### ASSIGNED TASK
Return only the lines from the top of the data down to the one that holds "exactly this schema.", both included, without any pictures.

[Items from a data source]
↓

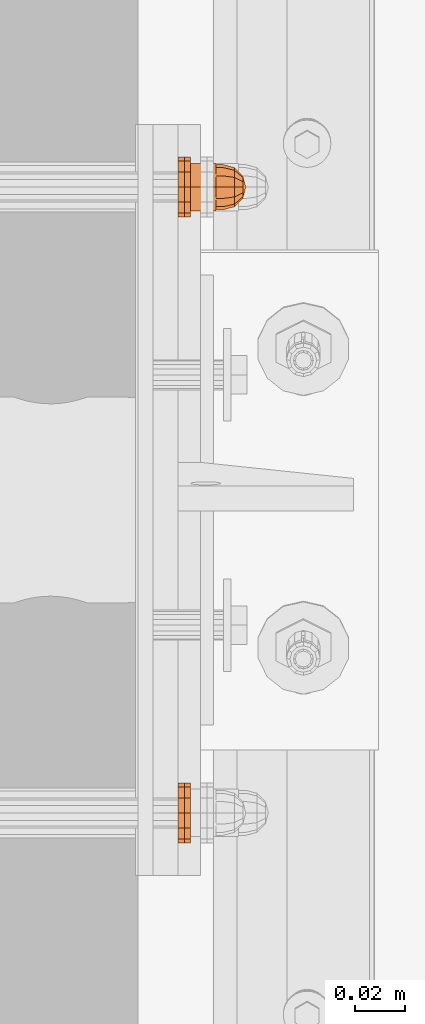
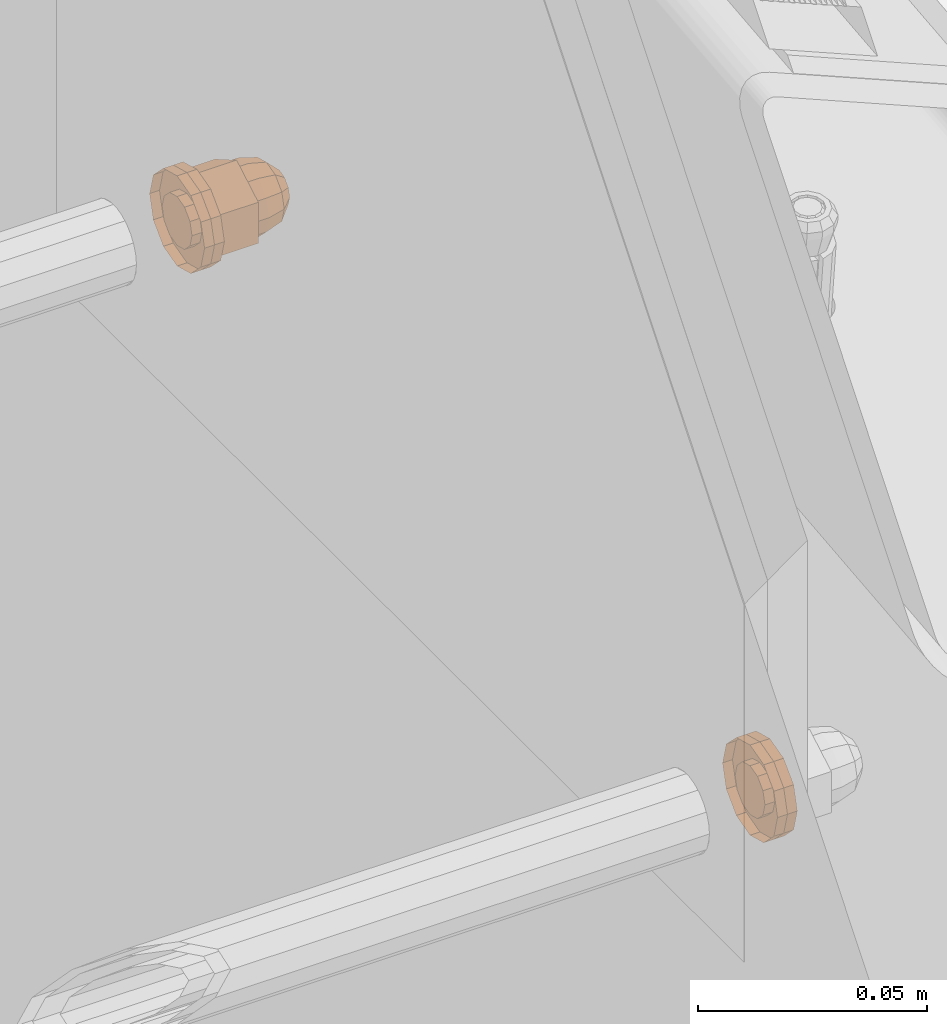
# One storey, part 106 of 162: 5 proxies.
"""IFC2X3 building model written with IfcOpenShell, lengths in millimetres."""

import ifcopenshell
import ifcopenshell.guid

model = None  # the IFC model being written
_history = None  # IfcOwnerHistory: only IFC2X3 demands one
_inside = {}  # id of a spatial element -> (the spatial element, [elements in it])
_under = {}  # id of a project, library or spatial element -> (it, [spatial elements below it])
_declared = {}  # id of a project -> (the project, [libraries it declares])
_typed = {}  # id of a type object -> (the type object, [elements of that type])
_made_of = {}  # id of a material, layer set ... -> (it, [elements and type objects made of it])


def new_model(schema):
    """Start an empty IFC model of exactly this schema.

    Asked for "IFC4X3", IfcOpenShell would pick the latest addendum, in which some entities
    have other attributes; the version numbers below select the first issue.
    IFC2X3 requires an IfcOwnerHistory on every rooted entity: one is made here for all.
    """
    global model, _history
    if schema == "IFC4X3":
        model = ifcopenshell.file(schema_version=(4, 3, 0, 0))
    else:
        model = ifcopenshell.file(schema=schema)
    _inside.clear()
    _under.clear()
    _declared.clear()
    _typed.clear()
    _made_of.clear()
    _history = None
    if model.schema == "IFC2X3":
        org = make("IfcOrganization", Name="unknown")
        user = make(
            "IfcPersonAndOrganization",
            ThePerson=make("IfcPerson", FamilyName="unknown"),
            TheOrganization=org,
        )
        app = make(
            "IfcApplication",
            ApplicationDeveloper=org,
            Version="unknown",
            ApplicationFullName="unknown",
            ApplicationIdentifier="unknown",
        )
        _history = make(
            "IfcOwnerHistory",
            OwningUser=user,
            OwningApplication=app,
            ChangeAction="ADDED",
            CreationDate=0,
        )
    return model


def make(cls, **values):
    """One entity of the class cls with the attributes given. An attribute that is None is left unset."""
    return model.create_entity(
        cls, **{name: value for name, value in values.items() if value is not None}
    )


def entity(cls, *values):
    """Any entity or typed value of the class cls, its attributes in the order of the schema. None: left unset."""
    e = model.create_entity(cls)
    for i, value in enumerate(values):
        if value is not None:
            e[i] = value
    return e


def rooted(cls, **values):
    """An entity with a GlobalId (a new one), such as an element, a storey or a relation."""
    return make(cls, GlobalId=ifcopenshell.guid.new(), OwnerHistory=_history, **values)


def si_unit(unit_type, name, prefix=None):
    """IfcSIUnit, for example si_unit("LENGTHUNIT", "METRE", prefix="MILLI")."""
    return make("IfcSIUnit", UnitType=unit_type, Prefix=prefix, Name=name)


def converted_unit(unit_type, name, factor, base, dimensions=None, offset=None):
    """IfcConversionBasedUnit, such as the inch: factor (a typed value) times the base unit."""
    return make(
        "IfcConversionBasedUnit"
        if offset is None
        else "IfcConversionBasedUnitWithOffset",
        ConversionOffset=offset,
        Dimensions=None
        if dimensions is None
        else entity("IfcDimensionalExponents", *dimensions),
        UnitType=unit_type,
        Name=name,
        ConversionFactor=make(
            "IfcMeasureWithUnit", ValueComponent=factor, UnitComponent=base
        ),
    )


def assignment(units):
    """IfcUnitAssignment: the units of a project."""
    return None if units is None else make("IfcUnitAssignment", Units=units)


def point(xyz):
    """IfcCartesianPoint."""
    return None if xyz is None else make("IfcCartesianPoint", Coordinates=xyz)


def direction(xyz):
    """IfcDirection."""
    return None if xyz is None else make("IfcDirection", DirectionRatios=xyz)


def frame(location, z_axis=None, x_axis=None):
    """IfcAxis2Placement3D, a coordinate frame: its origin and axes. An axis left out is left unset."""
    return make(
        "IfcAxis2Placement3D",
        Location=point(location),
        Axis=direction(z_axis),
        RefDirection=direction(x_axis),
    )


def origin_with_axes():
    """The frame at (0, 0, 0) with the z axis (0, 0, 1) and the x axis (1, 0, 0) written out."""
    return frame((0.0, 0.0, 0.0), z_axis=(0.0, 0.0, 1.0), x_axis=(1.0, 0.0, 0.0))


def place(relative_to, where):
    """IfcLocalPlacement: puts the frame where relative to a parent placement (None: the world)."""
    return make(
        "IfcLocalPlacement", PlacementRelTo=relative_to, RelativePlacement=where
    )


def context(
    kind, dimensions, precision=None, world=None, true_north=None, identifier=None
):
    """IfcGeometricRepresentationContext, for example the 3D "Model" context."""
    return make(
        "IfcGeometricRepresentationContext",
        ContextIdentifier=identifier,
        ContextType=kind,
        CoordinateSpaceDimension=dimensions,
        Precision=precision,
        WorldCoordinateSystem=world,
        TrueNorth=true_north,
    )


def project(units=None, contexts=None):
    """IfcProject with its units and contexts."""
    return rooted(
        "IfcProject",
        Name="project",
        RepresentationContexts=contexts,
        UnitsInContext=assignment(units),
    )


def spatial(cls, under=None, at=None, **own):
    """A site, building, storey or space (cls), placed at a placement, below another one or the project."""
    s = rooted(cls, ObjectPlacement=at, **own)
    if under is not None:
        _under.setdefault(under.id(), (under, []))[1].append(s)
    return s


def faces_of(points, faces, orient=None, outer=None):
    """IfcFace entities. A face is a list of loops; a loop is a list of indices into points, from 0.

    orient and outer hold one flag for each loop. By default every Orientation is true, the
    first loop of a face is its IfcFaceOuterBound and the others are IfcFaceBound.
    """
    made = []
    for i, loops in enumerate(faces):
        bounds = []
        for j, loop in enumerate(loops):
            is_outer = j == 0 if outer is None else outer[i][j]
            bounds.append(
                make(
                    "IfcFaceOuterBound" if is_outer else "IfcFaceBound",
                    Bound=make("IfcPolyLoop", Polygon=[points[k] for k in loop]),
                    Orientation=True if orient is None else orient[i][j],
                )
            )
        made.append(make("IfcFace", Bounds=bounds))
    return made


def faceted_brep(points, faces, orient=None, outer=None, voids=None):
    """IfcFacetedBrep: a solid bounded by flat faces; with voids (closed shells), ...WithVoids."""
    shared = [point(p) for p in points]
    hull = make("IfcClosedShell", CfsFaces=faces_of(shared, faces, orient, outer))
    if voids is None:
        return make("IfcFacetedBrep", Outer=hull)
    return make(
        "IfcFacetedBrepWithVoids",
        Outer=hull,
        Voids=[
            make(cls, CfsFaces=faces_of(shared, fs, o, b)) for cls, fs, o, b in voids
        ],
    )


def shape(context_of_items, identifier, shape_type, items):
    """IfcShapeRepresentation: the items that make up one representation, for example the "Body"."""
    return make(
        "IfcShapeRepresentation",
        ContextOfItems=context_of_items,
        RepresentationIdentifier=identifier,
        RepresentationType=shape_type,
        Items=items,
    )


def material(Name=None, Category=None):
    """IfcMaterial."""
    return make("IfcMaterial", Name=Name, Category=Category)


def made_of(thing, what):
    """Note that an element or type object is made of a material, layer set ...; save() writes the relation."""
    if what is not None:
        _made_of.setdefault(what.id(), (what, []))[1].append(thing)
    return thing


def element(
    cls,
    number,
    at=None,
    inside=None,
    cuts=None,
    type_object=None,
    material=None,
    context=None,
    identifier="Body",
    shape_type=None,
    held_by="IfcProductDefinitionShape",
    body=None,
    shapes=None,
    **own,
):
    """One element of the class cls, such as IfcWall. Its Tag is "e" and its number.

    at: its placement. inside: the storey or other place that contains it. cuts: it is an
    opening in that element (IfcRelVoidsElement). A single representation is given by context,
    identifier, shape_type and body (its items); several are given by shapes. held_by: the class
    of the entity that holds the representations. save() writes the other relations.
    """
    e = rooted(cls, Tag="e%d" % number, ObjectPlacement=at, **own)
    if body is not None:
        shapes = [shape(context, identifier, shape_type, body)]
    if shapes is not None:
        e.Representation = make(held_by, Representations=shapes)
    if inside is not None:
        _inside.setdefault(inside.id(), (inside, []))[1].append(e)
    if cuts is not None:
        rooted(
            "IfcRelVoidsElement", RelatingBuildingElement=cuts, RelatedOpeningElement=e
        )
    if type_object is not None:
        _typed.setdefault(type_object.id(), (type_object, []))[1].append(e)
    return made_of(e, material)


def aggregate(whole, parts):
    """IfcRelAggregates: a whole, such as a stair, and the parts it consists of."""
    return rooted("IfcRelAggregates", RelatingObject=whole, RelatedObjects=parts)


def save(model, path):
    """Write the relations noted so far, then the file.

    IfcRelAggregates (storeys below a building ...), IfcRelContainedInSpatialStructure (elements
    in a storey), IfcRelDefinesByType, IfcRelAssociatesMaterial and IfcRelDeclares: one each for
    every whole, place, type object, material and project.
    """
    for whole, parts in _under.values():
        aggregate(whole, parts)
    for where, things in _inside.values():
        rooted(
            "IfcRelContainedInSpatialStructure",
            RelatedElements=things,
            RelatingStructure=where,
        )
    for kind, things in _typed.values():
        rooted("IfcRelDefinesByType", RelatedObjects=things, RelatingType=kind)
    for what, things in _made_of.values():
        rooted("IfcRelAssociatesMaterial", RelatedObjects=things, RelatingMaterial=what)
    for by, libraries in _declared.values():
        rooted("IfcRelDeclares", RelatingContext=by, RelatedDefinitions=libraries)
    model.write(path)


model = new_model("IFC2X3")

# Units and contexts
model_context = context("Model", 3, precision=1e-09, world=origin_with_axes())
ifc_project = project(units=[si_unit("LENGTHUNIT", "METRE", prefix="MILLI"), si_unit("AREAUNIT", "SQUARE_METRE"), si_unit("VOLUMEUNIT", "CUBIC_METRE"), converted_unit("PLANEANGLEUNIT", "DEGREE", entity("IfcPlaneAngleMeasure", 0.01745329), si_unit("PLANEANGLEUNIT", "RADIAN"), dimensions=[0, 0, 0, 0, 0, 0, 0])], contexts=[model_context])

# Site, building, storey
site_placement = place(None, origin_with_axes())
site = spatial("IfcSite", under=ifc_project, at=site_placement, Name="Hermannstra?e 1a, 60318 Frankfurt", CompositionType="ELEMENT")
building_placement = place(site_placement, origin_with_axes())
building = spatial("IfcBuilding", under=site, at=building_placement, Name="Struktur 1", CompositionType="ELEMENT")
storey_placement = place(building_placement, origin_with_axes())
storey = spatial("IfcBuildingStorey", under=building, at=storey_placement, Name="Default Storey", CompositionType="ELEMENT", Elevation=0.0)

# Proxies
ifc_material_1 = material(Name="A4")
proxy_1_placement = place(None, origin_with_axes())
element("IfcBuildingElementProxy", 1, at=proxy_1_placement, inside=storey, material=ifc_material_1, ObjectType="-", context=model_context, shape_type="Brep", body=[
    faceted_brep([(2541.80936482, 1670.217776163, 17241.045442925), (2544.30936482, 1670.217776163, 17241.045442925), (2544.30936482, 1674.610081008, 17245.43774777), (2541.80936482, 1674.610081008, 17245.43774777), (2544.30936482, 1668.610081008, 17235.045442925), (2544.30936482, 1670.217776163, 17229.045442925), (2544.30936482, 1674.610081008, 17224.653138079), (2544.30936482, 1680.610081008, 17223.045442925), (2544.30936482, 1686.610081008, 17224.653138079), (2544.30936482, 1691.002385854, 17229.045442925), (2544.30936482, 1692.610081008, 17235.045442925), (2544.30936482, 1691.002385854, 17241.045442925), (2544.30936482, 1686.610081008, 17245.43774777), (2544.30936482, 1680.610081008, 17247.045442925), (2544.30936482, 1680.610081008, 17241.545442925), (2544.30936482, 1683.860081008, 17240.674608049), (2544.30936482, 1686.239246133, 17238.295442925), (2544.30936482, 1687.110081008, 17235.045442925), (2544.30936482, 1686.239246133, 17231.795442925), (2544.30936482, 1683.860081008, 17229.4162778), (2544.30936482, 1680.610081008, 17228.545442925), (2544.30936482, 1677.360081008, 17229.4162778), (2544.30936482, 1674.980915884, 17231.795442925), (2544.30936482, 1674.110081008, 17235.045442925), (2544.30936482, 1674.980915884, 17238.295442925), (2544.30936482, 1677.360081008, 17240.674608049), (2541.80936482, 1674.980915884, 17238.295442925), (2541.80936482, 1674.110081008, 17235.045442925), (2541.80936482, 1674.980915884, 17231.795442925), (2541.80936482, 1677.360081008, 17229.4162778), (2541.80936482, 1680.610081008, 17228.545442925), (2541.80936482, 1683.860081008, 17229.4162778), (2541.80936482, 1686.239246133, 17231.795442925), (2541.80936482, 1687.110081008, 17235.045442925), (2541.80936482, 1686.239246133, 17238.295442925), (2541.80936482, 1683.860081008, 17240.674608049), (2541.80936482, 1680.610081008, 17241.545442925), (2541.80936482, 1677.360081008, 17240.674608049), (2541.80936482, 1668.610081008, 17235.045442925), (2541.80936482, 1680.610081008, 17247.045442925), (2541.80936482, 1670.217776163, 17229.045442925), (2541.80936482, 1686.610081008, 17245.43774777), (2541.80936482, 1674.610081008, 17224.653138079), (2541.80936482, 1691.002385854, 17241.045442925), (2541.80936482, 1680.610081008, 17223.045442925), (2541.80936482, 1692.610081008, 17235.045442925), (2541.80936482, 1686.610081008, 17224.653138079), (2541.80936482, 1691.002385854, 17229.045442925)], [[[0, 1, 2, 3]], [[2, 1, 4, 5, 6, 7, 8, 9, 10, 11, 12, 13], [14, 15, 16, 17, 18, 19, 20, 21, 22, 23, 24, 25]], [[26, 27, 28, 29, 30, 31, 32, 33, 34, 35, 36, 37]], [[24, 26, 37, 25]], [[1, 0, 38, 4]], [[26, 24, 23, 27]], [[25, 37, 36, 14]], [[3, 2, 13, 39]], [[4, 38, 40, 5]], [[27, 23, 22, 28]], [[14, 36, 35, 15]], [[39, 13, 12, 41]], [[5, 40, 42, 6]], [[28, 22, 21, 29]], [[15, 35, 34, 16]], [[41, 12, 11, 43]], [[33, 17, 16, 34]], [[6, 42, 44, 7]], [[29, 21, 20, 30]], [[32, 18, 17, 33]], [[43, 11, 10, 45]], [[19, 31, 30, 20]], [[18, 32, 31, 19]], [[7, 44, 46, 8]], [[45, 10, 9, 47]], [[8, 46, 47, 9]]]),
])
ifc_material_2 = material(Name="Kunststoff")
proxy_2_placement = place(None, origin_with_axes())
element("IfcBuildingElementProxy", 2, at=proxy_2_placement, inside=storey, material=ifc_material_2, ObjectType="-", context=model_context, shape_type="Brep", body=[
    faceted_brep([(2539.30936482, 1691.002385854, 17241.045442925), (2541.80936482, 1691.002385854, 17241.045442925), (2541.80936482, 1692.610081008, 17235.045442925), (2539.30936482, 1692.610081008, 17235.045442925), (2539.30936482, 1686.239246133, 17238.295442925), (2539.30936482, 1683.860081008, 17240.674608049), (2539.30936482, 1680.610081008, 17241.545442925), (2539.30936482, 1677.360081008, 17240.674608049), (2539.30936482, 1674.980915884, 17238.295442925), (2539.30936482, 1674.110081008, 17235.045442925), (2539.30936482, 1674.980915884, 17231.795442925), (2539.30936482, 1677.360081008, 17229.4162778), (2539.30936482, 1680.610081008, 17228.545442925), (2539.30936482, 1683.860081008, 17229.4162778), (2539.30936482, 1686.239246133, 17231.795442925), (2539.30936482, 1687.110081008, 17235.045442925), (2541.80936482, 1687.110081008, 17235.045442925), (2541.80936482, 1686.239246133, 17238.295442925), (2541.80936482, 1686.610081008, 17245.43774777), (2541.80936482, 1680.610081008, 17247.045442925), (2541.80936482, 1674.610081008, 17245.43774777), (2541.80936482, 1670.217776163, 17241.045442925), (2541.80936482, 1668.610081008, 17235.045442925), (2541.80936482, 1670.217776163, 17229.045442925), (2541.80936482, 1674.610081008, 17224.653138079), (2541.80936482, 1680.610081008, 17223.045442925), (2541.80936482, 1686.610081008, 17224.653138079), (2541.80936482, 1691.002385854, 17229.045442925), (2539.30936482, 1686.610081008, 17245.43774777), (2541.80936482, 1686.239246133, 17231.795442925), (2539.30936482, 1691.002385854, 17229.045442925), (2541.80936482, 1683.860081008, 17240.674608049), (2539.30936482, 1680.610081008, 17247.045442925), (2541.80936482, 1683.860081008, 17229.4162778), (2539.30936482, 1686.610081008, 17224.653138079), (2541.80936482, 1680.610081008, 17241.545442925), (2541.80936482, 1680.610081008, 17228.545442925), (2539.30936482, 1674.610081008, 17245.43774777), (2541.80936482, 1677.360081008, 17240.674608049), (2539.30936482, 1680.610081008, 17223.045442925), (2541.80936482, 1677.360081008, 17229.4162778), (2539.30936482, 1670.217776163, 17241.045442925), (2541.80936482, 1674.980915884, 17238.295442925), (2539.30936482, 1674.610081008, 17224.653138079), (2541.80936482, 1674.980915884, 17231.795442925), (2539.30936482, 1668.610081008, 17235.045442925), (2541.80936482, 1674.110081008, 17235.045442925), (2539.30936482, 1670.217776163, 17229.045442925)], [[[0, 1, 2, 3]], [[4, 5, 6, 7, 8, 9, 10, 11, 12, 13, 14, 15]], [[15, 16, 17, 4]], [[1, 18, 19, 20, 21, 22, 23, 24, 25, 26, 27, 2]], [[1, 0, 28, 18]], [[16, 15, 14, 29]], [[3, 2, 27, 30]], [[4, 17, 31, 5]], [[18, 28, 32, 19]], [[29, 14, 13, 33]], [[30, 27, 26, 34]], [[5, 31, 35, 6]], [[33, 13, 12, 36]], [[19, 32, 37, 20]], [[6, 35, 38, 7]], [[34, 26, 25, 39]], [[36, 12, 11, 40]], [[20, 37, 41, 21]], [[7, 38, 42, 8]], [[39, 25, 24, 43]], [[40, 11, 10, 44]], [[21, 41, 45, 22]], [[8, 42, 46, 9]], [[43, 24, 23, 47]], [[44, 10, 9, 46]], [[22, 45, 47, 23]]]),
])
proxy_3_placement = place(None, origin_with_axes())
element("IfcBuildingElementProxy", 3, at=proxy_3_placement, inside=storey, material=ifc_material_1, ObjectType="-", context=model_context, shape_type="Brep", body=[
    faceted_brep([(2554.30936482, 1936.610081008, 17235.045442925), (2544.30936482, 1936.610081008, 17235.045442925), (2544.30936482, 1935.806233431, 17232.045442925), (2554.30936482, 1935.806233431, 17232.045442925), (2544.30936482, 1933.610081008, 17229.849290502), (2554.30936482, 1933.610081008, 17229.849290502), (2554.30936482, 1935.806233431, 17238.045442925), (2544.30936482, 1935.806233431, 17238.045442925), (2544.30936482, 1940.089950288, 17240.518648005), (2544.30936482, 1940.089950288, 17229.572237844), (2544.30936482, 1930.610081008, 17224.099032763), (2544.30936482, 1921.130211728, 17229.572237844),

↑

### WRITTEN SOLUTION
# One storey, part 106 of 162: 5 proxies.
"""IFC2X3 building model written with IfcOpenShell, lengths in millimetres."""

import ifcopenshell
import ifcopenshell.guid

model = None  # the IFC model being written
_history = None  # IfcOwnerHistory: only IFC2X3 demands one
_inside = {}  # id of a spatial element -> (the spatial element, [elements in it])
_under = {}  # id of a project, library or spatial element -> (it, [spatial elements below it])
_declared = {}  # id of a project -> (the project, [libraries it declares])
_typed = {}  # id of a type object -> (the type object, [elements of that type])
_made_of = {}  # id of a material, layer set ... -> (it, [elements and type objects made of it])


def new_model(schema):
    """Start an empty IFC model of exactly this schema.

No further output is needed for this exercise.